Other Russian state media, citing anonymous military sources, reported earlier Monday that Russia will supply Syrian government forces with the S-300 systems “very soon.” Military officials reportedly told the newspaper Kommersant that Russia would give Assad the systems for free, adding that Israel would suffer “catastrophic consequences” if it tried to destroy them.

If the reports are accurate, Syria will receive the PMU-2 version of the S-300 system, which is capable of intercepting high-altitude ballistic missiles and shooting down advanced fighter jets. Delivery of the missile systems to Syria could reduce Israel’s air superiority in the region.

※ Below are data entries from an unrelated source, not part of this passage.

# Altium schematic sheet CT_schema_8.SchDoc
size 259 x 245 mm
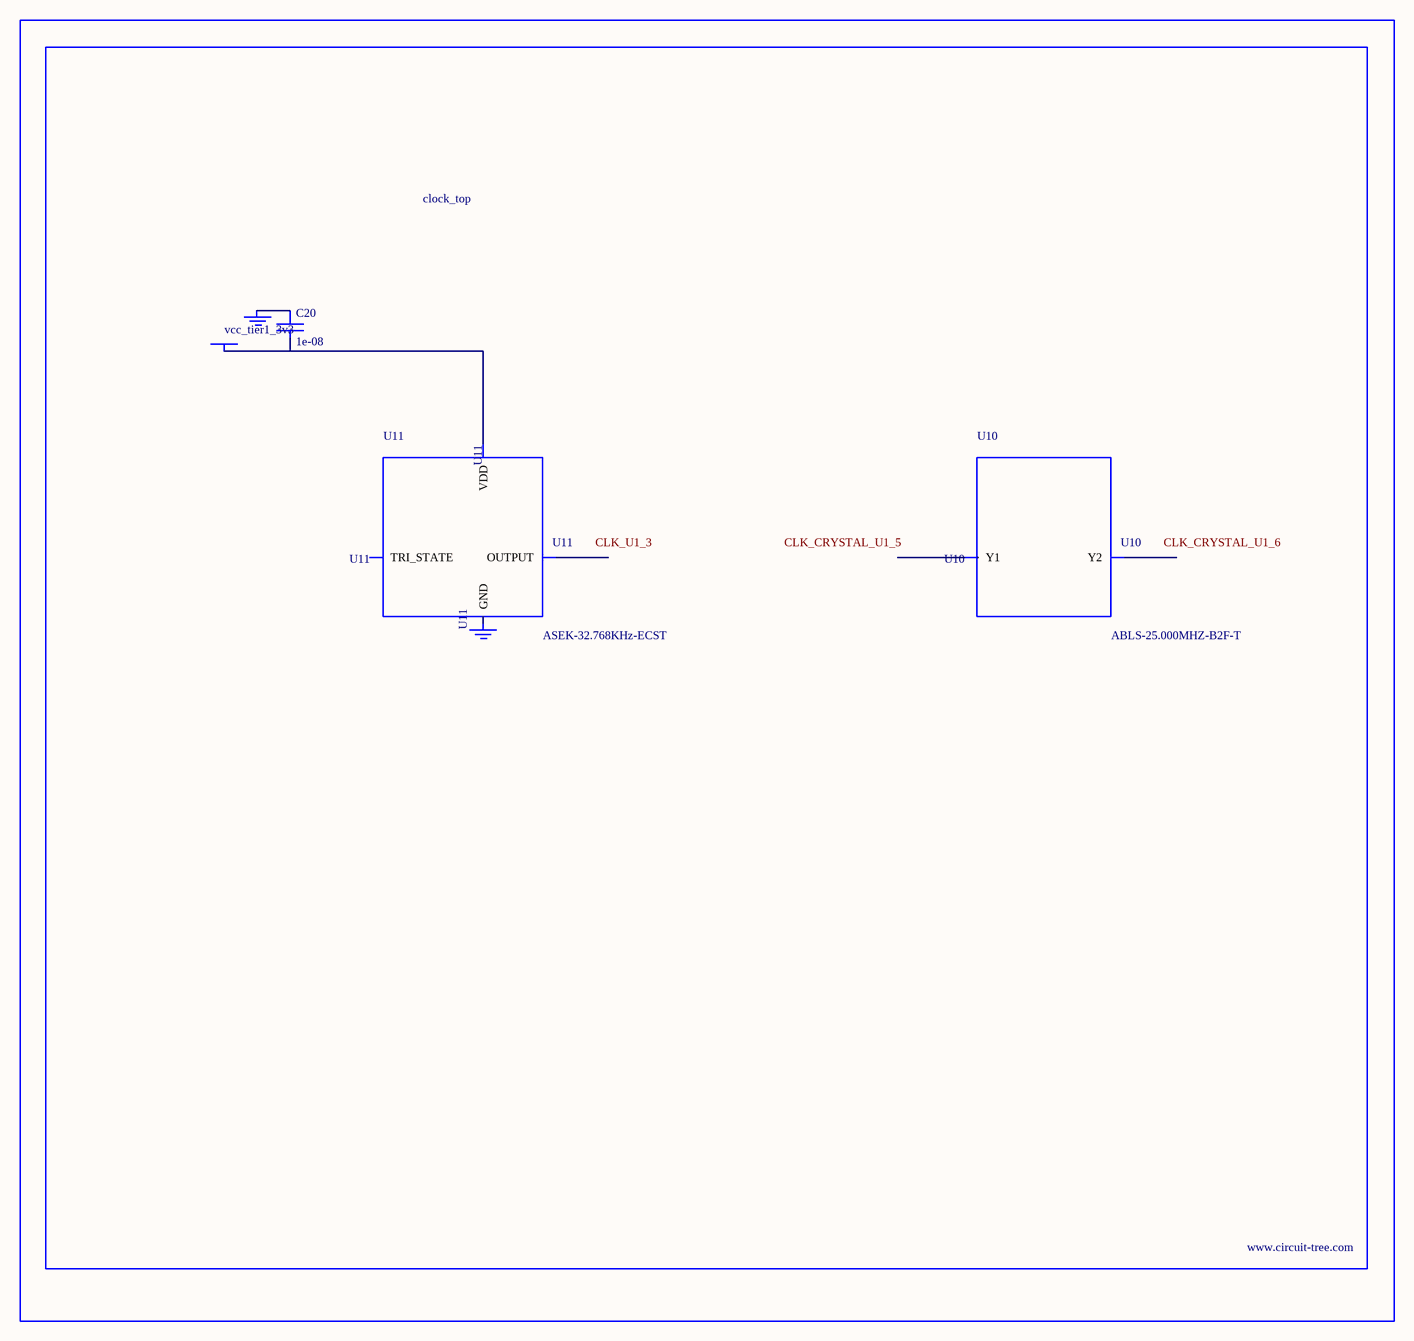
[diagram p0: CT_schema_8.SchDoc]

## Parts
BORDER7  (no value)
C20  1e-08  [C0402]
GND_INSTANCE_7_0  (no value)
GND_INSTANCE_7_1  (no value)
POWER_INSTANCE_7_0  vcc_tier1_3v3
U10  ABLS-25.000MHZ-B2F-T  [ABLS-25.000MHZ-B2F-T]
U11  ASEK-32.768KHz-ECST  [ASEK]

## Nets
NetC20_1: C20.1 GND_INSTANCE_7_0.0(GND)
NetC20_2: C20.2 POWER_INSTANCE_7_0.0(PWR) U11.4(VDD)

Not connected (* = marked no-connect by the designer): GND_INSTANCE_7_1 0(GND); U10 1(Y1) 2(Y2); U11 1(TRI_STATE) 2(GND) 3(OUTPUT)

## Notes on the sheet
- Labels drawn without touching a wire or pin: CLK_CRYSTAL_U1_5, CLK_CRYSTAL_U1_6, CLK_U1_3

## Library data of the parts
BORDER7 = BORDER_PAGE7
C20 = C0402C103K3RAC
GND_INSTANCE_7_0 GND_INSTANCE_7_1 = GND
POWER_INSTANCE_7_0 = PWR

Plans to give S-300 batteries to Syria follow a strike on suspected Syrian chemical weapons facilities by the U.S., Britain and France earlier this month. The strike removed any obligation the Kremlin may have had not to give Assad, its closest Mideast ally, advanced anti-missile systems, Lavrov said Monday.

Until now, Russia has refrained from giving S-300 systems to Syria due to pressure from Israel, which sees them as an unacceptable threat to its air superiority. Russian President Vladimir Putin in 2013 cancelled a planned sale to Damascus in response to Israeli protests but warned that he would reconsider if the U.S. attacked Assad’s regime. Russia has sold the S-300 to Iran over objections from Jerusalem and Washington.

Israel will likely move to destroy any S-300 deployed in Syria, upsetting a fragile truce between Jerusalem and Moscow, according to many Israeli defense experts. The deployment of S-300s in Syria has been a concern for two decades, and a strike “will happen,” says Amos Yadlin, a former Israeli military intelligence chief.

“If I know the air force well, we have already made proper plans to deal with this threat,” he told Bloomberg. “After you remove the threat, which is basically what will be done, we’re back to square one.”